* _What is expected_
From the material that follows, please give the number of lines containing the string "Pune", and that number alone.
[Data under study — start]
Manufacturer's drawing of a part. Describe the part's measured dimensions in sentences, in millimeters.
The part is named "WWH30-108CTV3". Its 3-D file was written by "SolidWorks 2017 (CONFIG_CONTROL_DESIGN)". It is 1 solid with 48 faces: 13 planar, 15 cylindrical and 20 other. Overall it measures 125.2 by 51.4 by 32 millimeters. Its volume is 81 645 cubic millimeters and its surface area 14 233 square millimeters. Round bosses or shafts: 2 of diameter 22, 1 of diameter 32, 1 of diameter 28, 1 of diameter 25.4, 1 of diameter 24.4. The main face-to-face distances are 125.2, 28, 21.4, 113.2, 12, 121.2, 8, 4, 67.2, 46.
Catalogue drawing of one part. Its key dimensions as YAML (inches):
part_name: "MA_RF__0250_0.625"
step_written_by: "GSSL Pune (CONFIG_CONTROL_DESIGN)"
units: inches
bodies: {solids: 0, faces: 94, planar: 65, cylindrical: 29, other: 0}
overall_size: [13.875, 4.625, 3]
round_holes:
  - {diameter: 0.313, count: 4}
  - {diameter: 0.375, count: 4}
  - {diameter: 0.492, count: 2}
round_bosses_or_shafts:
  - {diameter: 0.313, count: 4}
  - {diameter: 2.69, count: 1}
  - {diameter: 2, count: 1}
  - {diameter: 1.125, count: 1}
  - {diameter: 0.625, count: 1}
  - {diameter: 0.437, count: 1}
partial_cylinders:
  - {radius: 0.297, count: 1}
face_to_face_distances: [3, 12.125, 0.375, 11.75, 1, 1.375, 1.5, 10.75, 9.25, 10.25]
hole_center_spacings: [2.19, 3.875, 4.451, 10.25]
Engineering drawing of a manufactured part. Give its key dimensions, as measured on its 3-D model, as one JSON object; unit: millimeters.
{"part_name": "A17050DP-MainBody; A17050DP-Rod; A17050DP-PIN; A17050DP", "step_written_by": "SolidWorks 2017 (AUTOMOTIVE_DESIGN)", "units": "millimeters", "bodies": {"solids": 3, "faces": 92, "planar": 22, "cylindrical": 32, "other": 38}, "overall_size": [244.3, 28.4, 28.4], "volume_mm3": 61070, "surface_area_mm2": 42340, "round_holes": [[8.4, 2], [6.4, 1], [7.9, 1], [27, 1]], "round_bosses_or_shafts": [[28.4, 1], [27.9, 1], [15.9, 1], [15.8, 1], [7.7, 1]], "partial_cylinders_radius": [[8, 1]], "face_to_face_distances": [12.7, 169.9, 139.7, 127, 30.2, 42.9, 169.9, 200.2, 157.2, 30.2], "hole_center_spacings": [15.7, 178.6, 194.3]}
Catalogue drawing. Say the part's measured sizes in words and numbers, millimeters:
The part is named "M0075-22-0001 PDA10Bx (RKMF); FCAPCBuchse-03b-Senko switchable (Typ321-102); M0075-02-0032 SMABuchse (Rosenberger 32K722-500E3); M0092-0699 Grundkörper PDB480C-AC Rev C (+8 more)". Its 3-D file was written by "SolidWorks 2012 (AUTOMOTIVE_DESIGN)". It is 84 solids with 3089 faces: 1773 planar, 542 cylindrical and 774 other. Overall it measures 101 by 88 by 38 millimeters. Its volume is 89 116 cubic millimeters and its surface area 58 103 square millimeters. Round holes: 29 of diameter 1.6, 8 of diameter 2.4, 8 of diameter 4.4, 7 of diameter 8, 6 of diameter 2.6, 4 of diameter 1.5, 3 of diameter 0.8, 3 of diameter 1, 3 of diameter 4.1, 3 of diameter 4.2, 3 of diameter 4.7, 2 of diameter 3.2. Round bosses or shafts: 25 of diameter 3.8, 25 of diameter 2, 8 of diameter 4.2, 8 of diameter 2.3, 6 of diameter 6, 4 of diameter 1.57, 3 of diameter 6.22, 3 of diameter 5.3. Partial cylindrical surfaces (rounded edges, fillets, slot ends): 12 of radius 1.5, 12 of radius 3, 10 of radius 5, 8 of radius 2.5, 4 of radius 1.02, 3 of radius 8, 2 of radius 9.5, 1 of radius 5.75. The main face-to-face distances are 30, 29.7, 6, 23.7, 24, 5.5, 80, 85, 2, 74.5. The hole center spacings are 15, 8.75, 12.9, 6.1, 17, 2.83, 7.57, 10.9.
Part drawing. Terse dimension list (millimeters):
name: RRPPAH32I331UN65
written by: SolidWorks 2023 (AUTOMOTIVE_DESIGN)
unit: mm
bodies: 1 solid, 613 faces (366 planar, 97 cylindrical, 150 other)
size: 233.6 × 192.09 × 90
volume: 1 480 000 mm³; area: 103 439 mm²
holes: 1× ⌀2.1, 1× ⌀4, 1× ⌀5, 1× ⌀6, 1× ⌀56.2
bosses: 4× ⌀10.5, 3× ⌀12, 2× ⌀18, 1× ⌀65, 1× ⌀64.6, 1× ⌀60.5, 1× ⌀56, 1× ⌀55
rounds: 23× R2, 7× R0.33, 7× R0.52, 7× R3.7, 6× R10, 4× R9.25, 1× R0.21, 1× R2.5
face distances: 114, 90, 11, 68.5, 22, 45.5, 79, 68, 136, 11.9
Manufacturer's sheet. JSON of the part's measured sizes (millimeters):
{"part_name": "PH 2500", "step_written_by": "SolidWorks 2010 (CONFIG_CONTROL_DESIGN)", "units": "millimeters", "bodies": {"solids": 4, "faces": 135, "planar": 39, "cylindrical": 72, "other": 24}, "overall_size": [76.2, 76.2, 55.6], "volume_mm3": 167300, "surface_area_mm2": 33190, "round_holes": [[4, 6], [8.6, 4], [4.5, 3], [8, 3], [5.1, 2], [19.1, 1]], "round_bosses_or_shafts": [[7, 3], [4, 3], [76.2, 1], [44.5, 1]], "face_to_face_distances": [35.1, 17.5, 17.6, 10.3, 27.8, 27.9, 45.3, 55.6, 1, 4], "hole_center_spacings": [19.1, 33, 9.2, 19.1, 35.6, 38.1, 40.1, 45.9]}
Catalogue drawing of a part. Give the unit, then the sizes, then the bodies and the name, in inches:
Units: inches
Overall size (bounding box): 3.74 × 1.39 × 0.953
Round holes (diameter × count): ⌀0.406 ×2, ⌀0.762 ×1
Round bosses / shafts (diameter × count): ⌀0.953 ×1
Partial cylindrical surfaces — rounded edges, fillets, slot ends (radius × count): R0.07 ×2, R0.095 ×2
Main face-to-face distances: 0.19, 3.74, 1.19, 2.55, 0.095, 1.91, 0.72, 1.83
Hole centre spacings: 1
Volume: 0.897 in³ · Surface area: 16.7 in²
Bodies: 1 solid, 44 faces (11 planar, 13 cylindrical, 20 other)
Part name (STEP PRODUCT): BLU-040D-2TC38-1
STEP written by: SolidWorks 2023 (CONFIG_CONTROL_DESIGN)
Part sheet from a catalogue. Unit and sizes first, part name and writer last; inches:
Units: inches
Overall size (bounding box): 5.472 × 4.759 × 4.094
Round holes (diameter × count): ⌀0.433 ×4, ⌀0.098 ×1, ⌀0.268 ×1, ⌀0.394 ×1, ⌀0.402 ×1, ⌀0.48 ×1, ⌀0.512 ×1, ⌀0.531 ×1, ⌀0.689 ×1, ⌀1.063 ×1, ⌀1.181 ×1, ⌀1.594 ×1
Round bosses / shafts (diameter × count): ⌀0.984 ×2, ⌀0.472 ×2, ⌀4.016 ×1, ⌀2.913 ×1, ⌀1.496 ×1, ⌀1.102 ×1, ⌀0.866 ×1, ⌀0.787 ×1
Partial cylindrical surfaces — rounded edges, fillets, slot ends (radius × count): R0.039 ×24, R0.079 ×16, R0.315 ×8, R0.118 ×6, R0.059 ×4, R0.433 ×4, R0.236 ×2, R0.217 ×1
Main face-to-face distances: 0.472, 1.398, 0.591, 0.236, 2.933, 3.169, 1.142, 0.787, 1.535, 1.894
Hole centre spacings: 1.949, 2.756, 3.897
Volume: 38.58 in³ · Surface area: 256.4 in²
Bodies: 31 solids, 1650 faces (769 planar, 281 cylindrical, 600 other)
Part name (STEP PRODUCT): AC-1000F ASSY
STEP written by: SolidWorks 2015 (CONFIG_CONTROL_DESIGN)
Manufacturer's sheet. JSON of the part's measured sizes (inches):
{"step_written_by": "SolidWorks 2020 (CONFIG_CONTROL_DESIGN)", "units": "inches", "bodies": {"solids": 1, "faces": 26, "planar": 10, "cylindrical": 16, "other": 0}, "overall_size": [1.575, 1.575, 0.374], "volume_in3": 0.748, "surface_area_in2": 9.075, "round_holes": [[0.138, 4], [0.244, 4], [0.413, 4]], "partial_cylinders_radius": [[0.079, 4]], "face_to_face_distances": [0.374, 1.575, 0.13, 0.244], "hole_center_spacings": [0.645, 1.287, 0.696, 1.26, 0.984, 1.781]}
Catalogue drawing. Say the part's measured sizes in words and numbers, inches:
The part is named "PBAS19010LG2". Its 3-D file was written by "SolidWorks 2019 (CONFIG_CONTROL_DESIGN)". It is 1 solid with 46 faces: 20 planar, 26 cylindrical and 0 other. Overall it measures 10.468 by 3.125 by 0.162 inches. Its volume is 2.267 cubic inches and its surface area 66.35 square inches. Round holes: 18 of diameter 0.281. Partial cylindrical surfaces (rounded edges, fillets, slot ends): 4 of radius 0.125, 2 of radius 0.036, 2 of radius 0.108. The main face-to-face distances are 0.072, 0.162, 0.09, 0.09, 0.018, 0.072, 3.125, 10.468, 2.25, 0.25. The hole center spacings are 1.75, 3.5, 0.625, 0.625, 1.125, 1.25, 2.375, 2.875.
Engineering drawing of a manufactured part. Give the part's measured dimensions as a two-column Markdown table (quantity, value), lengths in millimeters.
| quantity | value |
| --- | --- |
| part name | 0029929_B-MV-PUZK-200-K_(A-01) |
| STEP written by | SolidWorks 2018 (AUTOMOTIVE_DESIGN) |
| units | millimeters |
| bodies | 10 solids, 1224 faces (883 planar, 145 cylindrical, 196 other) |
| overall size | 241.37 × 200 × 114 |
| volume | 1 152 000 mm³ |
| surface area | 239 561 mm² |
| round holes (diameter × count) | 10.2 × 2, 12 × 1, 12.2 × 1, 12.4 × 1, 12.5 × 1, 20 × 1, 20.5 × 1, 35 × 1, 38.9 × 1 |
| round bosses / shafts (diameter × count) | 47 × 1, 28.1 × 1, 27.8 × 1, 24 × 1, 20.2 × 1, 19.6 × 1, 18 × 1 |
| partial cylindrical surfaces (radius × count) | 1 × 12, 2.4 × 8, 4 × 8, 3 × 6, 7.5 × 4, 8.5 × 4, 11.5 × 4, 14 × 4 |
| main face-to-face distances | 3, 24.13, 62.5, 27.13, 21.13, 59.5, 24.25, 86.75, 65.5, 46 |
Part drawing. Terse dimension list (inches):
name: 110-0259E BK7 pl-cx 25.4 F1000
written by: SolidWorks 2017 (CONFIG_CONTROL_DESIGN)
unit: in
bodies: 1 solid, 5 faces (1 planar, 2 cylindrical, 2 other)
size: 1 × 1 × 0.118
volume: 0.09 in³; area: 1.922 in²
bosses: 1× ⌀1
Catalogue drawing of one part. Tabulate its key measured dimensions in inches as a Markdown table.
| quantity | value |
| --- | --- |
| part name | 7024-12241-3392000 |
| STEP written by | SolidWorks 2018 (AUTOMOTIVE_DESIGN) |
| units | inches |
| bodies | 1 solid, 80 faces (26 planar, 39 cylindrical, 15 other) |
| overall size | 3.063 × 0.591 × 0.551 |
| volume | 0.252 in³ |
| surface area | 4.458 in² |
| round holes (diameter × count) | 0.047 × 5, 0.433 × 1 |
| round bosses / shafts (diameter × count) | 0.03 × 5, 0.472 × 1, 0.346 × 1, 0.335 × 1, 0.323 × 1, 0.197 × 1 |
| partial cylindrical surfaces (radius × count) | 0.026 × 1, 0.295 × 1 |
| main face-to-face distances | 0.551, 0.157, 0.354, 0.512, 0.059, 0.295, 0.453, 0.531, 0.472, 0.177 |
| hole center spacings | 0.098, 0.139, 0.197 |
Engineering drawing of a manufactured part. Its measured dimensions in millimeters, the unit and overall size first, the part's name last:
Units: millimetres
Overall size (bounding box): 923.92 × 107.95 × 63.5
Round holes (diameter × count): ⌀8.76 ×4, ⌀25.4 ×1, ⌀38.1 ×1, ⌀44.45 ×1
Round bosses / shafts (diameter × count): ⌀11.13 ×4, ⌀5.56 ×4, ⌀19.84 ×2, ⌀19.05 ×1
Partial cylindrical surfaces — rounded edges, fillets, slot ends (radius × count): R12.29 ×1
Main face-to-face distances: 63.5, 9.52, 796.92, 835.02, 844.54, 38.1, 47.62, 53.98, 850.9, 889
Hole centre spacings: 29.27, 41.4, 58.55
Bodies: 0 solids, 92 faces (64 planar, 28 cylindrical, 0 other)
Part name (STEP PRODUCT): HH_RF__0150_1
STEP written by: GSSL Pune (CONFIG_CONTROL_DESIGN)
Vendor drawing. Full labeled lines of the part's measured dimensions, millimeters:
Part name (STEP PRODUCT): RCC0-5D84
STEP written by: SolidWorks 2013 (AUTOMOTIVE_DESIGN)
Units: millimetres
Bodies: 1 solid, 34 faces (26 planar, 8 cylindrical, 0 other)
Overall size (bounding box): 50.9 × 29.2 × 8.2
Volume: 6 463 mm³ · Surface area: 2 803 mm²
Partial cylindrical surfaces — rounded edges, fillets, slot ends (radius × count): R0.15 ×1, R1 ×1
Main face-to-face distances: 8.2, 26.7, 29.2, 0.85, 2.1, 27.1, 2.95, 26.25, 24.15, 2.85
[Data under study — finish]
* _Output below_
2